-- Opening Marker --

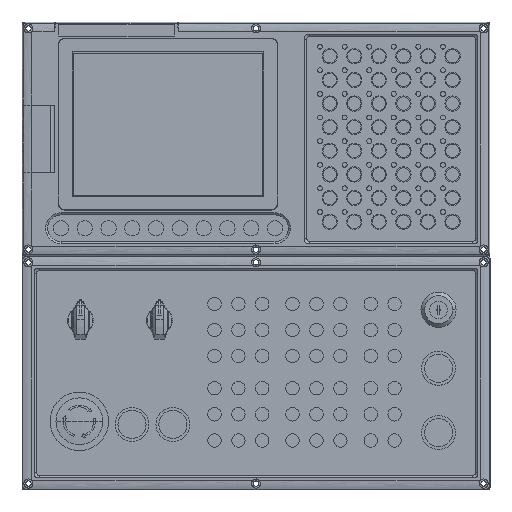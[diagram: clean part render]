
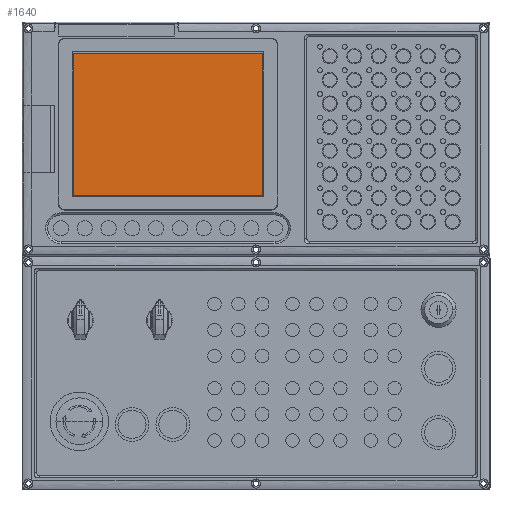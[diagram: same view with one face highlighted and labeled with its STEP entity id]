
A CAD part, top view. The second image highlights one B-rep face of the part: STEP entity #1640.
In plain terms, the highlighted planar face has unit normal (0, 0, 1).
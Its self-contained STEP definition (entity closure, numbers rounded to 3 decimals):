
#1640 = ADVANCED_FACE ( 'NONE', ( #24708 ), #84876, .T. ) ;
#3376 = VECTOR ( 'NONE', #112915, 1000. ) ;
#10806 = VECTOR ( 'NONE', #108225, 1000. ) ;
#14148 = CARTESIAN_POINT ( 'NONE',  ( -163.7, 80.9, 1.82 ) ) ;
#20568 = CARTESIAN_POINT ( 'NONE',  ( -163.7, 73.4, 1.82 ) ) ;
#20598 = EDGE_CURVE ( 'NONE', #30306, #58465, #35585, .T. ) ;
#24302 = DIRECTION ( 'NONE',  ( 0., 0., 1. ) ) ;
#24708 = FACE_OUTER_BOUND ( 'NONE', #64588, .T. ) ;
#30221 = LINE ( 'NONE', #31468, #3376 ) ;
#30306 = VERTEX_POINT ( 'NONE', #82223 ) ;
#31468 = CARTESIAN_POINT ( 'NONE',  ( -163.7, -48.1, 1.82 ) ) ;
#35585 = LINE ( 'NONE', #20568, #116356 ) ;
#38116 = LINE ( 'NONE', #108465, #118852 ) ;
#47800 = DIRECTION ( 'NONE',  ( 0., 1., 0. ) ) ;
#51055 = AXIS2_PLACEMENT_3D ( 'NONE', #14148, #24302, #95117 ) ;
#58465 = VERTEX_POINT ( 'NONE', #70624 ) ;
#63567 = VERTEX_POINT ( 'NONE', #95684 ) ;
#64588 = EDGE_LOOP ( 'NONE', ( #75748, #83475, #105638, #107027 ) ) ;
#68205 = EDGE_CURVE ( 'NONE', #58465, #84683, #70873, .T. ) ;
#70624 = CARTESIAN_POINT ( 'NONE',  ( 5.8, 73.4, 1.82 ) ) ;
#70873 = LINE ( 'NONE', #98020, #10806 ) ;
#75748 = ORIENTED_EDGE ( 'NONE', *, *, #110016, .F. ) ;
#82223 = CARTESIAN_POINT ( 'NONE',  ( -156.2, 73.4, 1.82 ) ) ;
#82620 = EDGE_CURVE ( 'NONE', #84683, #63567, #30221, .T. ) ;
#83475 = ORIENTED_EDGE ( 'NONE', *, *, #82620, .F. ) ;
#84683 = VERTEX_POINT ( 'NONE', #117089 ) ;
#84876 = PLANE ( 'NONE',  #51055 ) ;
#91378 = DIRECTION ( 'NONE',  ( 1., 0., 0. ) ) ;
#95117 = DIRECTION ( 'NONE',  ( 1., 0., 0. ) ) ;
#95684 = CARTESIAN_POINT ( 'NONE',  ( -156.2, -48.1, 1.82 ) ) ;
#98020 = CARTESIAN_POINT ( 'NONE',  ( 5.8, 80.9, 1.82 ) ) ;
#105638 = ORIENTED_EDGE ( 'NONE', *, *, #68205, .F. ) ;
#107027 = ORIENTED_EDGE ( 'NONE', *, *, #20598, .F. ) ;
#108225 = DIRECTION ( 'NONE',  ( 0., -1., 0. ) ) ;
#108465 = CARTESIAN_POINT ( 'NONE',  ( -156.2, 80.9, 1.82 ) ) ;
#110016 = EDGE_CURVE ( 'NONE', #63567, #30306, #38116, .T. ) ;
#112915 = DIRECTION ( 'NONE',  ( -1., 0., 0. ) ) ;
#116356 = VECTOR ( 'NONE', #91378, 1000. ) ;
#117089 = CARTESIAN_POINT ( 'NONE',  ( 5.8, -48.1, 1.82 ) ) ;
#118852 = VECTOR ( 'NONE', #47800, 1000. ) ;

-- Closing Marker --

Task directions | Could you transcribe the entries above word for word, from the line with "#30221 = LINE ( 'NONE', #31468, #3376 ) ;" down to the line with "#68205 = EDGE_CURVE", keeping both?

Exercise result |
#30221 = LINE ( 'NONE', #31468, #3376 ) ;
#30306 = VERTEX_POINT ( 'NONE', #82223 ) ;
#31468 = CARTESIAN_POINT ( 'NONE',  ( -163.7, -48.1, 1.82 ) ) ;
#35585 = LINE ( 'NONE', #20568, #116356 ) ;
#38116 = LINE ( 'NONE', #108465, #118852 ) ;
#47800 = DIRECTION ( 'NONE',  ( 0., 1., 0. ) ) ;
#51055 = AXIS2_PLACEMENT_3D ( 'NONE', #14148, #24302, #95117 ) ;
#58465 = VERTEX_POINT ( 'NONE', #70624 ) ;
#63567 = VERTEX_POINT ( 'NONE', #95684 ) ;
#64588 = EDGE_LOOP ( 'NONE', ( #75748, #83475, #105638, #107027 ) ) ;
#68205 = EDGE_CURVE ( 'NONE', #58465, #84683, #70873, .T. ) ;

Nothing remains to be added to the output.